TASK ITEM: Could you return all of the records exactly, minus their images?

─── DATA RECORDS ───

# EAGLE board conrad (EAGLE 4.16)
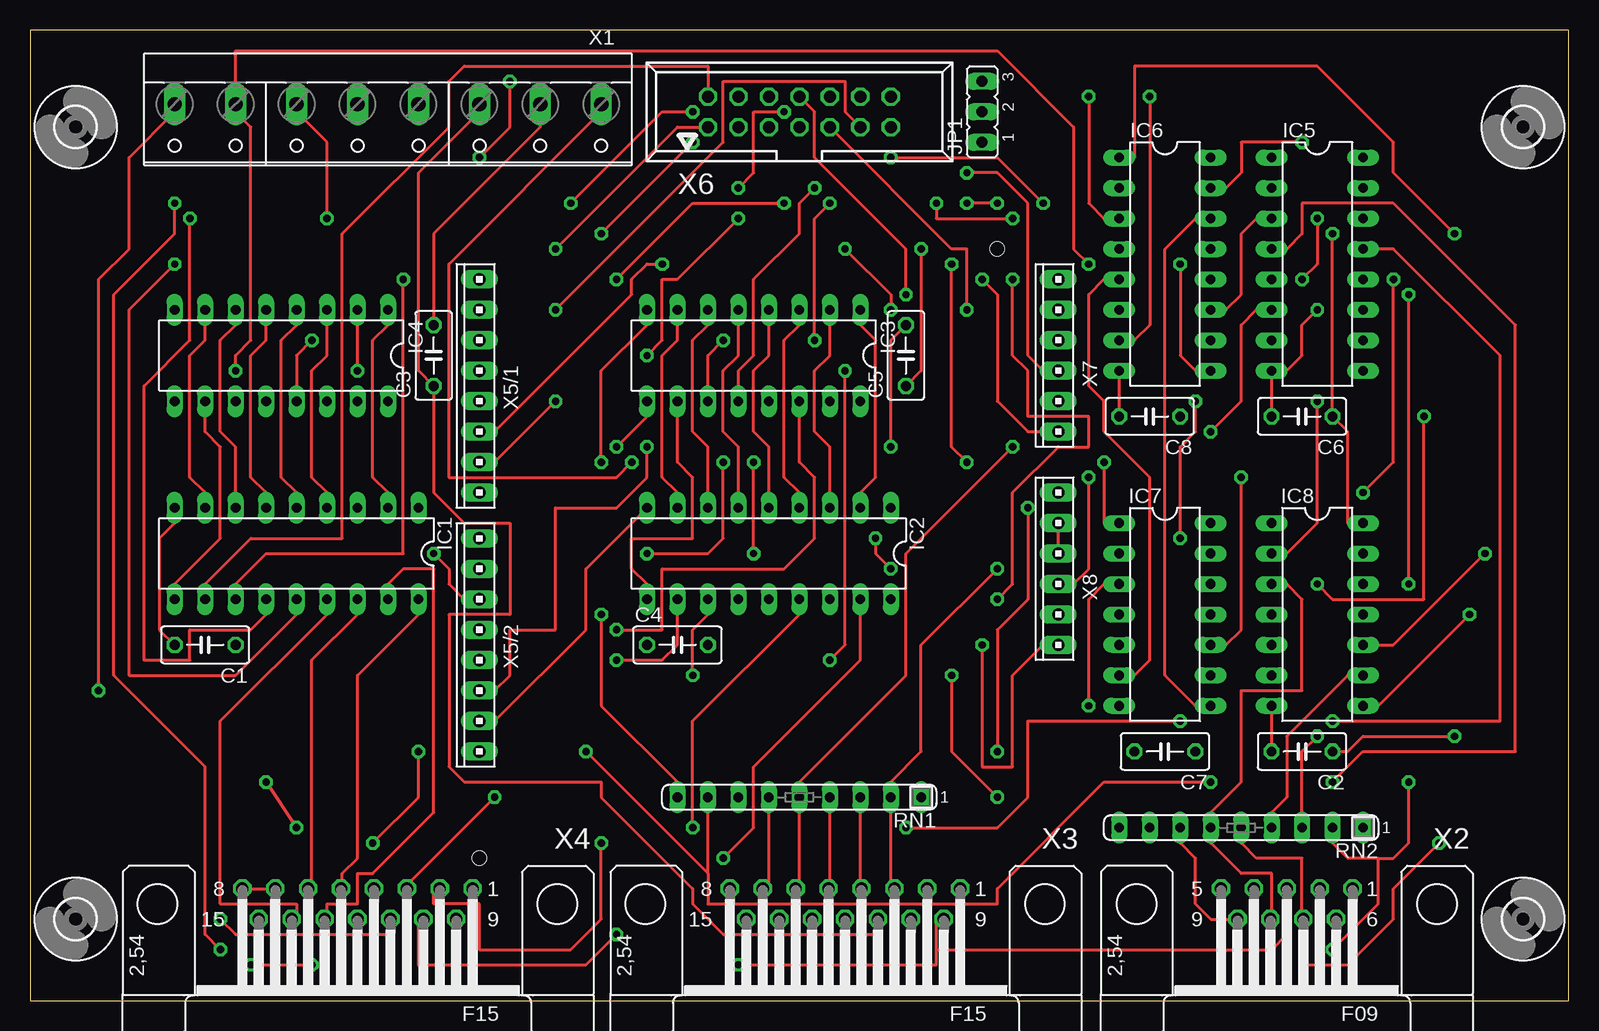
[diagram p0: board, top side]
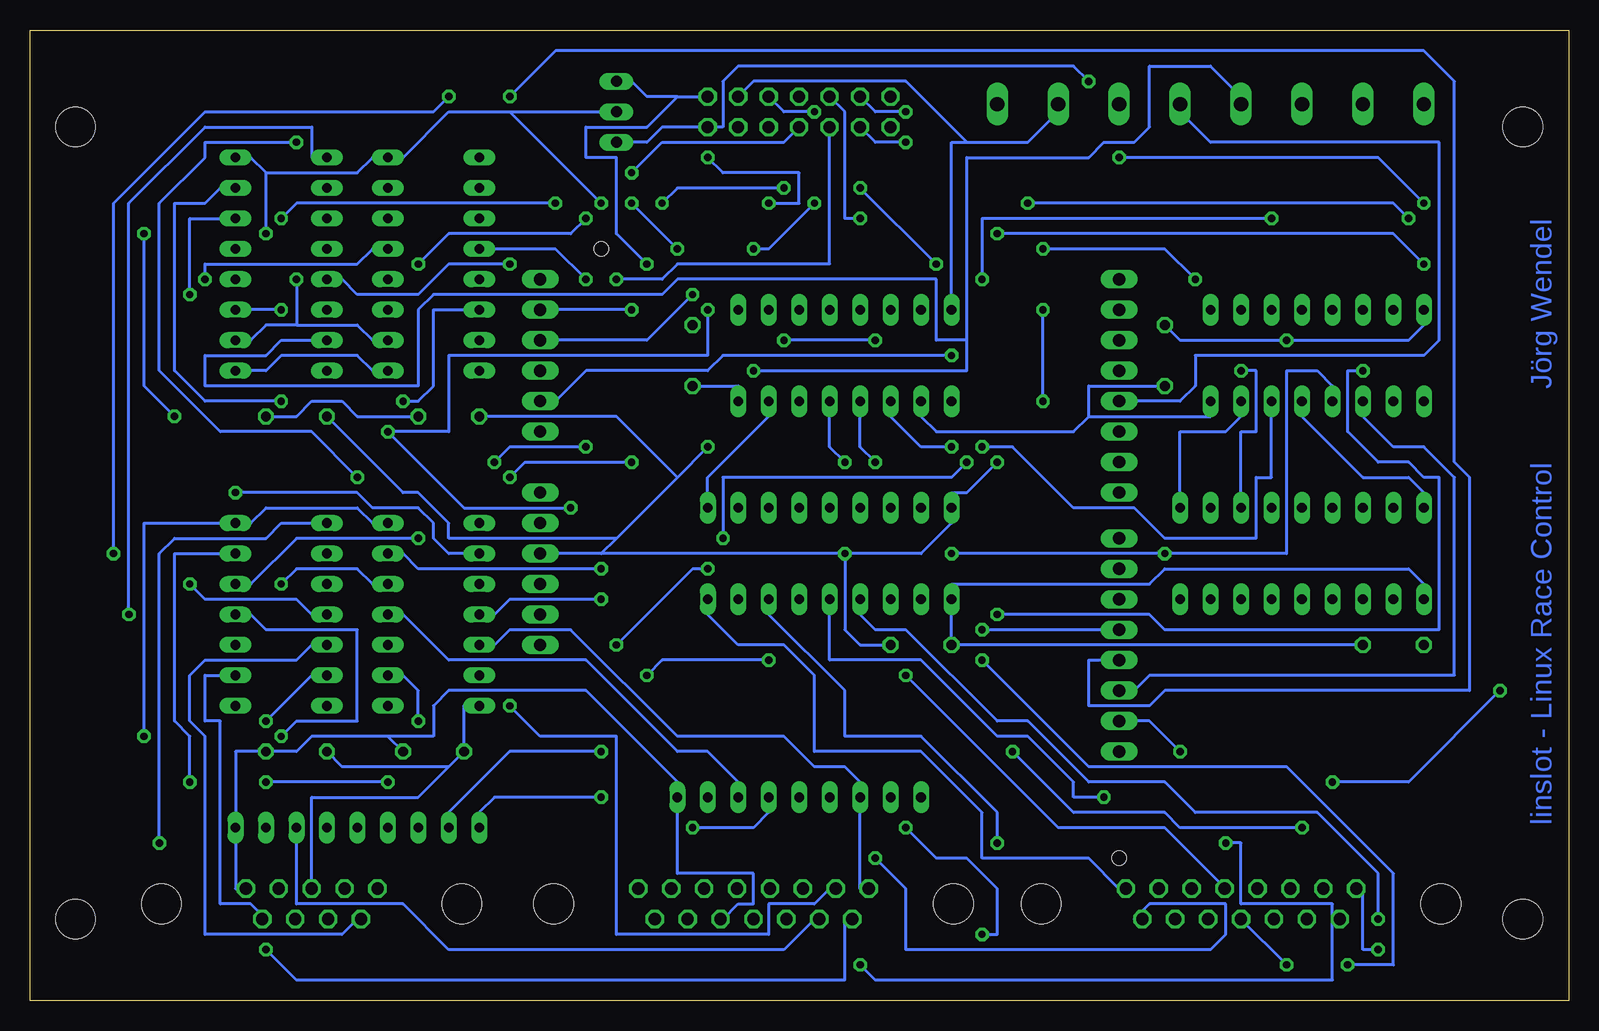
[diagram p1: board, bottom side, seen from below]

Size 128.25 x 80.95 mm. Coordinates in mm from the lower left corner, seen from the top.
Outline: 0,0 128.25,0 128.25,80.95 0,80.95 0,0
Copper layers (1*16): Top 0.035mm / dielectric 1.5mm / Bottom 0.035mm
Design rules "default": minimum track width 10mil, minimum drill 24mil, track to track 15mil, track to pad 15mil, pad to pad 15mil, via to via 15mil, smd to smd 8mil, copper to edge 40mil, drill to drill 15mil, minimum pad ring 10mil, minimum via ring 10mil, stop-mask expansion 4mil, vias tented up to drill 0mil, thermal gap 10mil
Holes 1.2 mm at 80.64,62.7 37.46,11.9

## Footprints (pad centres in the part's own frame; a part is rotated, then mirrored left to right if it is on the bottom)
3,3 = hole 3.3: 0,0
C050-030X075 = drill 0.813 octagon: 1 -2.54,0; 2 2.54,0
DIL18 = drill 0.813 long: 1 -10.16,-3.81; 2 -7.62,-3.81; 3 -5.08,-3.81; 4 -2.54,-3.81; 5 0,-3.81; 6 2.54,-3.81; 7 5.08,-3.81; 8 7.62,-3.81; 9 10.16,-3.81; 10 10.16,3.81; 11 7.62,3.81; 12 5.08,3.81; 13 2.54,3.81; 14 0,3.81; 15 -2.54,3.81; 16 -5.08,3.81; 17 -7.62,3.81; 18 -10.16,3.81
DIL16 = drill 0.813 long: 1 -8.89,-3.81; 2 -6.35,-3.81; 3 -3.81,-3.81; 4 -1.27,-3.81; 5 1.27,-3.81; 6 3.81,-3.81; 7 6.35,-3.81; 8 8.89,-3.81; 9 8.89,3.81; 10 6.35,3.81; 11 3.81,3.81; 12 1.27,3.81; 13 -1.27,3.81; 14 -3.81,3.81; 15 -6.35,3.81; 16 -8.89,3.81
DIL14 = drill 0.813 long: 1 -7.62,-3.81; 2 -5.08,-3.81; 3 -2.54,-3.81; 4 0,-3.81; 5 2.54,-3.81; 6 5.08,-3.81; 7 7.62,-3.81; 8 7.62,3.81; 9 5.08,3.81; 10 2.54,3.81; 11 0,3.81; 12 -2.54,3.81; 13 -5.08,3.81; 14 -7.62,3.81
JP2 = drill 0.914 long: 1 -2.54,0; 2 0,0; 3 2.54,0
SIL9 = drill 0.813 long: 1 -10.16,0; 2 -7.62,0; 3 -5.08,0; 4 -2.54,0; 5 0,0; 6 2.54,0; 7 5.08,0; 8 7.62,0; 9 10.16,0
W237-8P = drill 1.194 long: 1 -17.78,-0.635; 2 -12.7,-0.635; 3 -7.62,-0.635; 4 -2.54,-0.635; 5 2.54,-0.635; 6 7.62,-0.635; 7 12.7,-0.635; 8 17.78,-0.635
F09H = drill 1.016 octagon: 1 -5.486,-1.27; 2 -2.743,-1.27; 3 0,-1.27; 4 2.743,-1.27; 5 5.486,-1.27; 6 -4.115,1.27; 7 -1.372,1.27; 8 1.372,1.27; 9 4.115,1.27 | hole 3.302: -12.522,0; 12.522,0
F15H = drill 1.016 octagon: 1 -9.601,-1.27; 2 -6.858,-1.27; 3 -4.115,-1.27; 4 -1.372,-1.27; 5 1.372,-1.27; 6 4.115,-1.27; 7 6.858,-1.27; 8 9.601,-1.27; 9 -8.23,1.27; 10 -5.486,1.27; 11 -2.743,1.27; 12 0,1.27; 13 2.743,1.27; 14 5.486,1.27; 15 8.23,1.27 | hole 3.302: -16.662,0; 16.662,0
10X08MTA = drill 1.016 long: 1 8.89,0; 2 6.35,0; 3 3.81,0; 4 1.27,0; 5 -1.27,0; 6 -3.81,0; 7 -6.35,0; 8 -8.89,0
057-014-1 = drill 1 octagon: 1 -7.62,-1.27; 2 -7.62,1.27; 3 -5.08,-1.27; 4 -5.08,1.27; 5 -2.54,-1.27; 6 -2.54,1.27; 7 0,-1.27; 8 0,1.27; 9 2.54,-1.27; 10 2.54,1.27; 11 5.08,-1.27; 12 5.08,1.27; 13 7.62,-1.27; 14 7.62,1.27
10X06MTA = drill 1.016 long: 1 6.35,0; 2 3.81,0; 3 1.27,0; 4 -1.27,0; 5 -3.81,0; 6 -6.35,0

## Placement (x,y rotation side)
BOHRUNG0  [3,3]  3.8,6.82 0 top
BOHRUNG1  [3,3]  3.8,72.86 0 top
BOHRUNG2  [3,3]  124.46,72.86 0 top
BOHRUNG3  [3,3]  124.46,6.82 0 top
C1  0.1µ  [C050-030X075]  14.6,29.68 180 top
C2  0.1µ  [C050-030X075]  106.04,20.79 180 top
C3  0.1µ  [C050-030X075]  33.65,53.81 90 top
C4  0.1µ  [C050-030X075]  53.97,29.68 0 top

───

EXPECTED ANSWER:
# EAGLE board conrad (EAGLE 4.16)
[diagram p0: board, top side]
[diagram p1: board, bottom side, seen from below]

Size 128.25 x 80.95 mm. Coordinates in mm from the lower left corner, seen from the top.
Outline: 0,0 128.25,0 128.25,80.95 0,80.95 0,0
Copper layers (1*16): Top 0.035mm / dielectric 1.5mm / Bottom 0.035mm
Design rules "default": minimum track width 10mil, minimum drill 24mil, track to track 15mil, track to pad 15mil, pad to pad 15mil, via to via 15mil, smd to smd 8mil, copper to edge 40mil, drill to drill 15mil, minimum pad ring 10mil, minimum via ring 10mil, stop-mask expansion 4mil, vias tented up to drill 0mil, thermal gap 10mil
Holes 1.2 mm at 80.64,62.7 37.46,11.9

## Footprints (pad centres in the part's own frame; a part is rotated, then mirrored left to right if it is on the bottom)
3,3 = hole 3.3: 0,0
C050-030X075 = drill 0.813 octagon: 1 -2.54,0; 2 2.54,0
DIL18 = drill 0.813 long: 1 -10.16,-3.81; 2 -7.62,-3.81; 3 -5.08,-3.81; 4 -2.54,-3.81; 5 0,-3.81; 6 2.54,-3.81; 7 5.08,-3.81; 8 7.62,-3.81; 9 10.16,-3.81; 10 10.16,3.81; 11 7.62,3.81; 12 5.08,3.81; 13 2.54,3.81; 14 0,3.81; 15 -2.54,3.81; 16 -5.08,3.81; 17 -7.62,3.81; 18 -10.16,3.81
DIL16 = drill 0.813 long: 1 -8.89,-3.81; 2 -6.35,-3.81; 3 -3.81,-3.81; 4 -1.27,-3.81; 5 1.27,-3.81; 6 3.81,-3.81; 7 6.35,-3.81; 8 8.89,-3.81; 9 8.89,3.81; 10 6.35,3.81; 11 3.81,3.81; 12 1.27,3.81; 13 -1.27,3.81; 14 -3.81,3.81; 15 -6.35,3.81; 16 -8.89,3.81
DIL14 = drill 0.813 long: 1 -7.62,-3.81; 2 -5.08,-3.81; 3 -2.54,-3.81; 4 0,-3.81; 5 2.54,-3.81; 6 5.08,-3.81; 7 7.62,-3.81; 8 7.62,3.81; 9 5.08,3.81; 10 2.54,3.81; 11 0,3.81; 12 -2.54,3.81; 13 -5.08,3.81; 14 -7.62,3.81
JP2 = drill 0.914 long: 1 -2.54,0; 2 0,0; 3 2.54,0
SIL9 = drill 0.813 long: 1 -10.16,0; 2 -7.62,0; 3 -5.08,0; 4 -2.54,0; 5 0,0; 6 2.54,0; 7 5.08,0; 8 7.62,0; 9 10.16,0
W237-8P = drill 1.194 long: 1 -17.78,-0.635; 2 -12.7,-0.635; 3 -7.62,-0.635; 4 -2.54,-0.635; 5 2.54,-0.635; 6 7.62,-0.635; 7 12.7,-0.635; 8 17.78,-0.635
F09H = drill 1.016 octagon: 1 -5.486,-1.27; 2 -2.743,-1.27; 3 0,-1.27; 4 2.743,-1.27; 5 5.486,-1.27; 6 -4.115,1.27; 7 -1.372,1.27; 8 1.372,1.27; 9 4.115,1.27 | hole 3.302: -12.522,0; 12.522,0
F15H = drill 1.016 octagon: 1 -9.601,-1.27; 2 -6.858,-1.27; 3 -4.115,-1.27; 4 -1.372,-1.27; 5 1.372,-1.27; 6 4.115,-1.27; 7 6.858,-1.27; 8 9.601,-1.27; 9 -8.23,1.27; 10 -5.486,1.27; 11 -2.743,1.27; 12 0,1.27; 13 2.743,1.27; 14 5.486,1.27; 15 8.23,1.27 | hole 3.302: -16.662,0; 16.662,0
10X08MTA = drill 1.016 long: 1 8.89,0; 2 6.35,0; 3 3.81,0; 4 1.27,0; 5 -1.27,0; 6 -3.81,0; 7 -6.35,0; 8 -8.89,0
057-014-1 = drill 1 octagon: 1 -7.62,-1.27; 2 -7.62,1.27; 3 -5.08,-1.27; 4 -5.08,1.27; 5 -2.54,-1.27; 6 -2.54,1.27; 7 0,-1.27; 8 0,1.27; 9 2.54,-1.27; 10 2.54,1.27; 11 5.08,-1.27; 12 5.08,1.27; 13 7.62,-1.27; 14 7.62,1.27
10X06MTA = drill 1.016 long: 1 6.35,0; 2 3.81,0; 3 1.27,0; 4 -1.27,0; 5 -3.81,0; 6 -6.35,0

## Placement (x,y rotation side)
BOHRUNG0  [3,3]  3.8,6.82 0 top
BOHRUNG1  [3,3]  3.8,72.86 0 top
BOHRUNG2  [3,3]  124.46,72.86 0 top
BOHRUNG3  [3,3]  124.46,6.82 0 top
C1  0.1µ  [C050-030X075]  14.6,29.68 180 top
C2  0.1µ  [C050-030X075]  106.04,20.79 180 top
C3  0.1µ  [C050-030X075]  33.65,53.81 90 top
C4  0.1µ  [C050-030X075]  53.97,29.68 0 top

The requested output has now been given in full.